Over the weekend, I was on the phone with Gilbert Baker, trying to figure out what had gone wrong with the left in San Francisco. Baker is a political activist, the brilliant designer of the gay rainbow flag and the Nureyev of political demonstrations. He has caused more trouble on the streets of politics than cops have in their bad dreams.

"There was maybe a billion dollars' worth of bombs and ordinance in this diversion operation against Iraq--and Democrats are complaining that independent counsel Kenneth Starr's investigation cost $40 million," Baker said.

"In 1991, we marched in the streets by the thousands for days. We shut down the Bay Bridge over the Gulf War. Now a lot of people don't seem to care about civil rights, gay rights, you name it," he said.

Is there a left-wing passive freeze--like the lemon-crop frost--coming on? Are times so relatively good that yesterday's gladiators would rather curl up by the fire and ignore tomorrow's torments?

Last week Baker penned an interesting article, distributed to the gay press, about the peculiar passivity of the California gay community--a passivity echoed in San Francisco's former formidable antiwar community--over the Y2K election year of the far right's initiative banning gay marriages.

Baker said that he himself was for freedom from marriage, straight or gay, but his political alarm system had gone off when he saw that the right wing, nationally, was financing, from its ample resources, a ballot initiative defining marriage as "bridal white supermecy."

Despite his own ambivalent feeling over whether gay marriage is the way to go for the poppy state, Baker believes passionately, politically, that the antigay marriage on the 1999 ballot has to be defeated because, if it is won, it would be a signal victory for the religious right.
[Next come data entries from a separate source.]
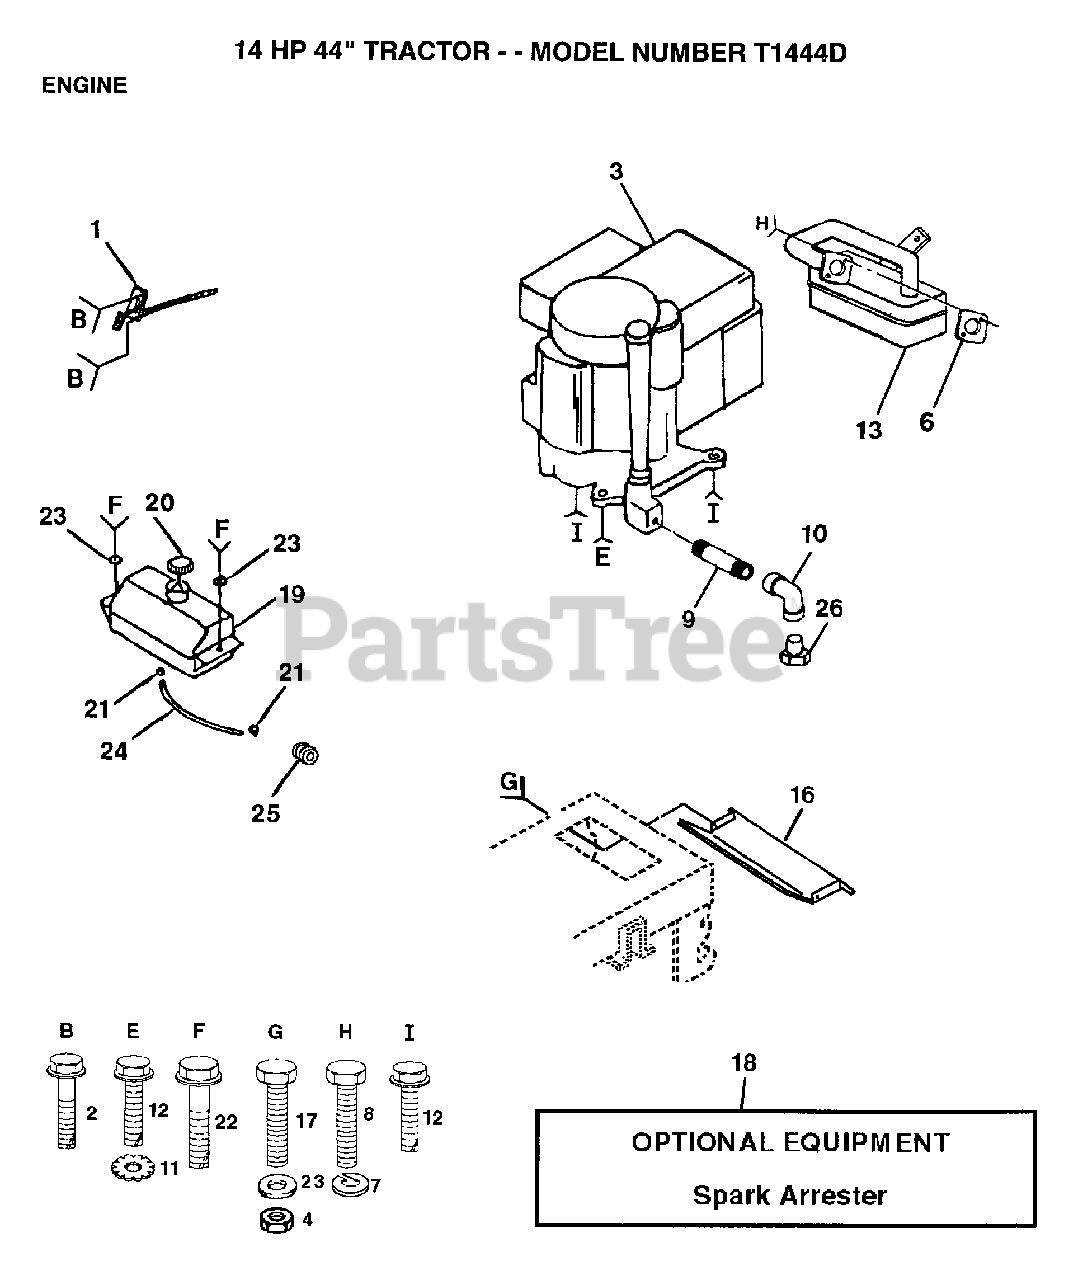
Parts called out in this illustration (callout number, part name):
2	SCREW LT
4	"NUT,SELF RETAININ"
7	LOCKWASHER
8	SCREW LT
9	PIPE NIPPLE
10	ELBOW
11	LOCKWASHER
12	SCREW
13	MUFFLER
17	BOLT LT
19	TANK.FUEL.LT.
21	HOSE CLAMP
22	SCREW HEX CRT
23	WASHER

This megabillon-dollar attempt to put a right-wing camel's nose under the tent of California politics began with the well-financed far-right attempt to disembowel organized labor on the last ballot. Baker's concern was if it wins one, it might end up winning them all.
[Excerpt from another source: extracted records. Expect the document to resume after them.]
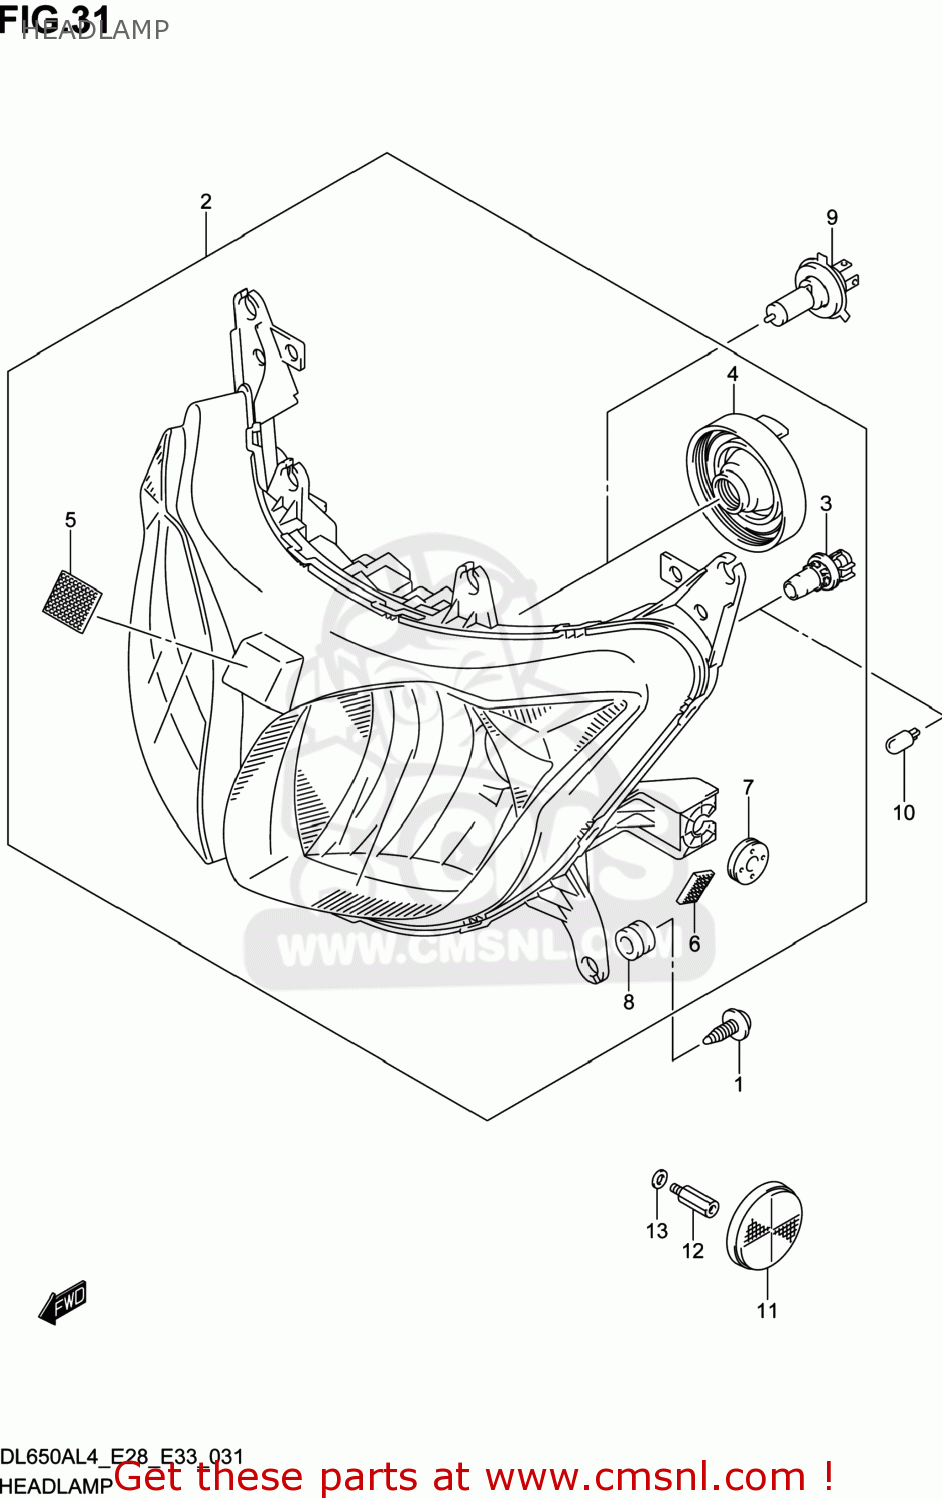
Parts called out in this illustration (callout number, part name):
1	SCREW(5X15)
2	HEADLAMP ASSY
3	SOCKET,POSITION LAMP
4	COVER,SOCKET
5	FASTENER
6	FASTENER,COWLING
7	CUSHION
8	CUSHION
9	BULB(12V60/55W,H4)
10	BULB(12V5W)
11	REFLEX REFLECTOR ASSY,FR SIDE
12	BOLT(5X10)
13	WASHER

He was further concerned that his troops had become so uninvolved in the struggle for justice that began in the civil and women's and gay rights movements of the '60s and '70s that they took too many things for granted. The continuing and increasing attacks against gays on city streets might indicate that there is nothing to be taken for granted.
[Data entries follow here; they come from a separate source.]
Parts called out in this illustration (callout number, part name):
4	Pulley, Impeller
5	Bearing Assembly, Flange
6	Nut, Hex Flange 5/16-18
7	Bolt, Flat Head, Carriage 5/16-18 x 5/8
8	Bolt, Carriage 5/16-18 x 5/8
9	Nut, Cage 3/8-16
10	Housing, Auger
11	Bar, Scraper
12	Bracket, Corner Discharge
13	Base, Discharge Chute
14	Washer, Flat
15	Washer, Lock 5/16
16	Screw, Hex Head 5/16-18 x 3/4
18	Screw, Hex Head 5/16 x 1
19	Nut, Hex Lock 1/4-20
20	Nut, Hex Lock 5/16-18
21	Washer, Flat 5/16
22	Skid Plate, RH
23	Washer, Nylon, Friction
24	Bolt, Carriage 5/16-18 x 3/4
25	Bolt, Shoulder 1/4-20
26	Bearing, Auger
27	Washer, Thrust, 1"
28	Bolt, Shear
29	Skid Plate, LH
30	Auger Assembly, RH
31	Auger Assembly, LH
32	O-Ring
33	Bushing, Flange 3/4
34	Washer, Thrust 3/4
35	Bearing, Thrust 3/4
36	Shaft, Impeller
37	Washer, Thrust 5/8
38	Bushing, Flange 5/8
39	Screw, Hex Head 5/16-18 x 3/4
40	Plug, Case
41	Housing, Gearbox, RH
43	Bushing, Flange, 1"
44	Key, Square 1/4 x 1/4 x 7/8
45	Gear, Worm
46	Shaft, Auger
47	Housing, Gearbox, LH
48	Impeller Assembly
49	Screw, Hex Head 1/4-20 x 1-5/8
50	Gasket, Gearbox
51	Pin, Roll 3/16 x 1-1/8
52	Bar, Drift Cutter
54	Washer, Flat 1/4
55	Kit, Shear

A similar tired attitude seems apparent in San Francisco's antiwar movement, in which Baker was to the very crucible, thus to his dismay.

Forgetting the inexplicably obvious, that President Clinton has betrayed everyone of his putative constituencies--the gays-in-the-military weaseling and the signing of the Defense of Marriage Act; blacks who are continually imprisoned by exponential numbers because of his get-the-ghetto drug policies; the women he has sold out for political expediency; the very Irish patriots he acts to champion but keeps in U.S. prisons, destined for English jails, and this is excluding the Clinton-backed genocidal embargo against Iraq, which no one has justified except for Secretary of State Madeleine Albright, to say that hundreds of thousands of children dying from starvation are an acceptable risk--one has to ask what has the man done to command any respect form the lefty (but p.c.)-to-centrist Democrats in San Francisco? If he lied about screwing around (sorry, Hillary), he caved into the medical establishment's fear of lawyers who might find out the truth--be bombed in a massive, inhumane, and already acknowledged way the civilians of Iraq for a clearly political ploy that was obvious to everyone except to lunkheaded CNN correspondents.

If contemporary history should be any guide, the move for really tossing Bill Clinton out of office should come from what was once the activist, moralist San Francisco left for taking out on Arab civilians what he would not keep in his pants.

In this town, which once took the cloth of the frontier into today's Levi's designer clothes, there is only a stillness in our jeans.